What needs to be done
Write out every line of the material as it stands, apart from the pictures.

>>

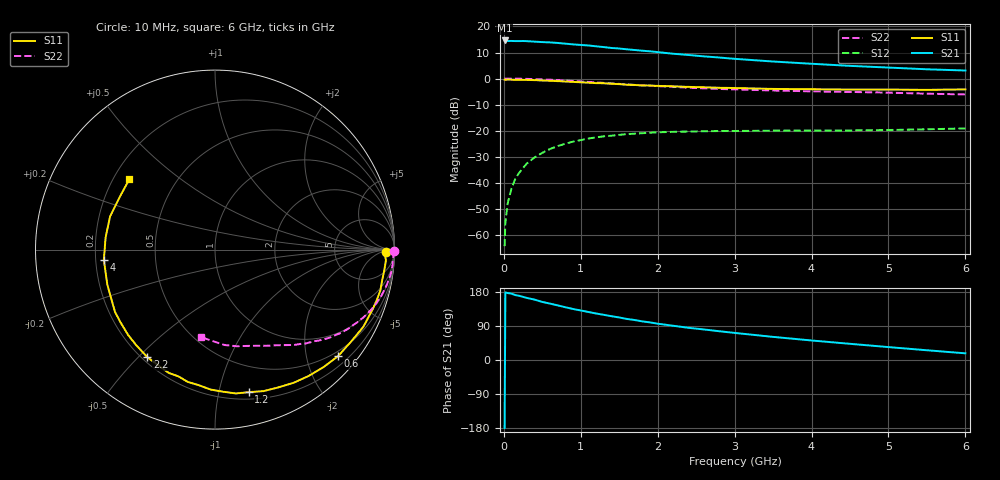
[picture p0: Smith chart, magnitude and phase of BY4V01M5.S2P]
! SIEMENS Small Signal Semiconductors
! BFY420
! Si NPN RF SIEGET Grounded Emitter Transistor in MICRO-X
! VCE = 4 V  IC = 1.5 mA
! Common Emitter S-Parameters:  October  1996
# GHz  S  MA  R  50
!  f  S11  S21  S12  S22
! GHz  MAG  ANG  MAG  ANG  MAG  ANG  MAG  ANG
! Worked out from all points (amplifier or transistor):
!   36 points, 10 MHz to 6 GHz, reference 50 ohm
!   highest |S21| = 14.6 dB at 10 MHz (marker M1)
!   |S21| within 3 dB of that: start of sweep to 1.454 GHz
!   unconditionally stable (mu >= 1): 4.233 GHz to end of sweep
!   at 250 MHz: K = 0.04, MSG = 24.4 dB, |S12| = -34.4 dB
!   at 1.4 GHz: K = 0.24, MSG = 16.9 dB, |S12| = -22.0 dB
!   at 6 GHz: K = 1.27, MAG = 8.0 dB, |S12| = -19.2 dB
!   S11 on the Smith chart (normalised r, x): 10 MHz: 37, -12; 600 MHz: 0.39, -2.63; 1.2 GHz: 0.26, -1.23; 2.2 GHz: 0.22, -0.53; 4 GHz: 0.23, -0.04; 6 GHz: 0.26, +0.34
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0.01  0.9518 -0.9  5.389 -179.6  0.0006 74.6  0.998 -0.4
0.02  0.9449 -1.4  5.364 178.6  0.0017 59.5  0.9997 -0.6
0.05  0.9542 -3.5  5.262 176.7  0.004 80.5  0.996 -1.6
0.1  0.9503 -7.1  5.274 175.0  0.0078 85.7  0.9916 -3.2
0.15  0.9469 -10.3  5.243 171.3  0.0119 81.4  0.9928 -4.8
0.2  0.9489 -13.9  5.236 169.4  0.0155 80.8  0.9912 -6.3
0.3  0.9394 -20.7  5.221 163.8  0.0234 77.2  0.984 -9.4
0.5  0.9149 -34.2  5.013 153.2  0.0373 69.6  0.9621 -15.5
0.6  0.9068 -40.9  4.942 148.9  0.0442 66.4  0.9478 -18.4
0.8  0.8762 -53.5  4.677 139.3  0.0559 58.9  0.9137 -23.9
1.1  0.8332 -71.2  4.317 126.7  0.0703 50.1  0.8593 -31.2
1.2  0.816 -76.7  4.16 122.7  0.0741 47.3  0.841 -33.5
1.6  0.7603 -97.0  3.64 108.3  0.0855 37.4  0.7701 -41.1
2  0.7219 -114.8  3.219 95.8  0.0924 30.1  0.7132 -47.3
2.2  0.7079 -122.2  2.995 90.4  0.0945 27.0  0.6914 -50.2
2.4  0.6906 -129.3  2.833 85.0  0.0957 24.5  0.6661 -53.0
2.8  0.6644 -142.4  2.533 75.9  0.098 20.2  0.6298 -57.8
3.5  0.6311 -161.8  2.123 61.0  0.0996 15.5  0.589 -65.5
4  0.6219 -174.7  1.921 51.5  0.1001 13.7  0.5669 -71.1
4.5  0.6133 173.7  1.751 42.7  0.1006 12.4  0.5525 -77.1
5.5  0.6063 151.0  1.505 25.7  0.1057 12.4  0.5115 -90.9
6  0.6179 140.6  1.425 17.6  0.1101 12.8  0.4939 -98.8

<<

Solution
[picture p0: Smith chart, magnitude and phase of BY4V01M5.S2P]
! SIEMENS Small Signal Semiconductors
! BFY420
! Si NPN RF SIEGET Grounded Emitter Transistor in MICRO-X
! VCE = 4 V  IC = 1.5 mA
! Common Emitter S-Parameters:  October  1996
# GHz  S  MA  R  50
!  f  S11  S21  S12  S22
! GHz  MAG  ANG  MAG  ANG  MAG  ANG  MAG  ANG
! Worked out from all points (amplifier or transistor):
!   36 points, 10 MHz to 6 GHz, reference 50 ohm
!   highest |S21| = 14.6 dB at 10 MHz (marker M1)
!   |S21| within 3 dB of that: start of sweep to 1.454 GHz
!   unconditionally stable (mu >= 1): 4.233 GHz to end of sweep
!   at 250 MHz: K = 0.04, MSG = 24.4 dB, |S12| = -34.4 dB
!   at 1.4 GHz: K = 0.24, MSG = 16.9 dB, |S12| = -22.0 dB
!   at 6 GHz: K = 1.27, MAG = 8.0 dB, |S12| = -19.2 dB
!   S11 on the Smith chart (normalised r, x): 10 MHz: 37, -12; 600 MHz: 0.39, -2.63; 1.2 GHz: 0.26, -1.23; 2.2 GHz: 0.22, -0.53; 4 GHz: 0.23, -0.04; 6 GHz: 0.26, +0.34
0.01  0.9518 -0.9  5.389 -179.6  0.0006 74.6  0.998 -0.4
0.02  0.9449 -1.4  5.364 178.6  0.0017 59.5  0.9997 -0.6
0.05  0.9542 -3.5  5.262 176.7  0.004 80.5  0.996 -1.6
0.1  0.9503 -7.1  5.274 175.0  0.0078 85.7  0.9916 -3.2
0.15  0.9469 -10.3  5.243 171.3  0.0119 81.4  0.9928 -4.8
0.2  0.9489 -13.9  5.236 169.4  0.0155 80.8  0.9912 -6.3
0.3  0.9394 -20.7  5.221 163.8  0.0234 77.2  0.984 -9.4
0.5  0.9149 -34.2  5.013 153.2  0.0373 69.6  0.9621 -15.5
0.6  0.9068 -40.9  4.942 148.9  0.0442 66.4  0.9478 -18.4
0.8  0.8762 -53.5  4.677 139.3  0.0559 58.9  0.9137 -23.9
1.1  0.8332 -71.2  4.317 126.7  0.0703 50.1  0.8593 -31.2
1.2  0.816 -76.7  4.16 122.7  0.0741 47.3  0.841 -33.5
1.6  0.7603 -97.0  3.64 108.3  0.0855 37.4  0.7701 -41.1
2  0.7219 -114.8  3.219 95.8  0.0924 30.1  0.7132 -47.3
2.2  0.7079 -122.2  2.995 90.4  0.0945 27.0  0.6914 -50.2
2.4  0.6906 -129.3  2.833 85.0  0.0957 24.5  0.6661 -53.0
2.8  0.6644 -142.4  2.533 75.9  0.098 20.2  0.6298 -57.8
3.5  0.6311 -161.8  2.123 61.0  0.0996 15.5  0.589 -65.5
4  0.6219 -174.7  1.921 51.5  0.1001 13.7  0.5669 -71.1
4.5  0.6133 173.7  1.751 42.7  0.1006 12.4  0.5525 -77.1
5.5  0.6063 151.0  1.505 25.7  0.1057 12.4  0.5115 -90.9
6  0.6179 140.6  1.425 17.6  0.1101 12.8  0.4939 -98.8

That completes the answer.